[Items from a dataset]
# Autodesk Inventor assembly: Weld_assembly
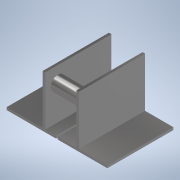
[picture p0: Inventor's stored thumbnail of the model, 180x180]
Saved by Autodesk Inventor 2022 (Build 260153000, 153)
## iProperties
Created: 2016-08
Part Number: Weld_assembly
Document SubType Name: Weldment
Designer: Gaurav
Weld Material: Welded Aluminum-6061
Mass: 881.351 g
Surface Area: 216.92 cm^2
Volume: 1 cm^3
Density: 881.351 g/cm^3
Author: Gaurav
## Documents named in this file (3)
- F:\My Data\Books_Final Books\2021_Books\Autodesk_Inventor_2022_Black_Book Folder\Autodesk Inventor_Resources_Student\Chapter 11\Weld_assembly.iam
- F:\My Data\Books_Final Books\2021_Books\Autodesk_Inventor_2022_Black_Book Folder\Autodesk Inventor_Resources_Student\Chapter 11\Plate.ipt
- F:\My Data\Books_Final Books\2021_Books\Autodesk_Inventor_2022_Black_Book Folder\Autodesk Inventor_Resources_Student\Chapter 11\Rod.ipt
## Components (5 placed, 2 different names)
1. Plate:1 — Mate:1, Flush:1, Flush:2, Mate:3, Flush:4
2. Plate:2 — Mate:1, Flush:1, Flush:2, Mate:2, Flush:3
3. Plate:3 — Mate:2, Flush:3, Mate:4
4. Plate:4 — Mate:3, Flush:4, Mate:5
5. Rod:1 — Mate:4, Mate:5
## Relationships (9: Mate 5, Flush 4)
- Mate:1: Plate:1 ↔ Plate:2
- Flush:1: Plate:1 ↔ Plate:2
- Flush:2: Plate:1 ↔ Plate:2
- Mate:2: Plate:2 ↔ Plate:3
- Flush:3: Plate:2 ↔ Plate:3
- Mate:3: Plate:1 ↔ Plate:4
- Flush:4: Plate:1 ↔ Plate:4
- Mate:4: Plate:3 ↔ Rod:1
- Mate:5: Plate:4 ↔ Rod:1

**PROMPT**
Return the data exactly. Pictures stay out.

**EXERCISE OUTPUT**
# Autodesk Inventor assembly: Weld_assembly
[picture p0: Inventor's stored thumbnail of the model, 180x180]
Saved by Autodesk Inventor 2022 (Build 260153000, 153)
## iProperties
Created: 2016-08
Part Number: Weld_assembly
Document SubType Name: Weldment
Designer: Gaurav
Weld Material: Welded Aluminum-6061
Mass: 881.351 g
Surface Area: 216.92 cm^2
Volume: 1 cm^3
Density: 881.351 g/cm^3
Author: Gaurav
## Documents named in this file (3)
- F:\My Data\Books_Final Books\2021_Books\Autodesk_Inventor_2022_Black_Book Folder\Autodesk Inventor_Resources_Student\Chapter 11\Weld_assembly.iam
- F:\My Data\Books_Final Books\2021_Books\Autodesk_Inventor_2022_Black_Book Folder\Autodesk Inventor_Resources_Student\Chapter 11\Plate.ipt
- F:\My Data\Books_Final Books\2021_Books\Autodesk_Inventor_2022_Black_Book Folder\Autodesk Inventor_Resources_Student\Chapter 11\Rod.ipt
## Components (5 placed, 2 different names)
1. Plate:1 — Mate:1, Flush:1, Flush:2, Mate:3, Flush:4
2. Plate:2 — Mate:1, Flush:1, Flush:2, Mate:2, Flush:3
3. Plate:3 — Mate:2, Flush:3, Mate:4
4. Plate:4 — Mate:3, Flush:4, Mate:5
5. Rod:1 — Mate:4, Mate:5
## Relationships (9: Mate 5, Flush 4)
- Mate:1: Plate:1 ↔ Plate:2
- Flush:1: Plate:1 ↔ Plate:2
- Flush:2: Plate:1 ↔ Plate:2
- Mate:2: Plate:2 ↔ Plate:3
- Flush:3: Plate:2 ↔ Plate:3
- Mate:3: Plate:1 ↔ Plate:4
- Flush:4: Plate:1 ↔ Plate:4
- Mate:4: Plate:3 ↔ Rod:1
- Mate:5: Plate:4 ↔ Rod:1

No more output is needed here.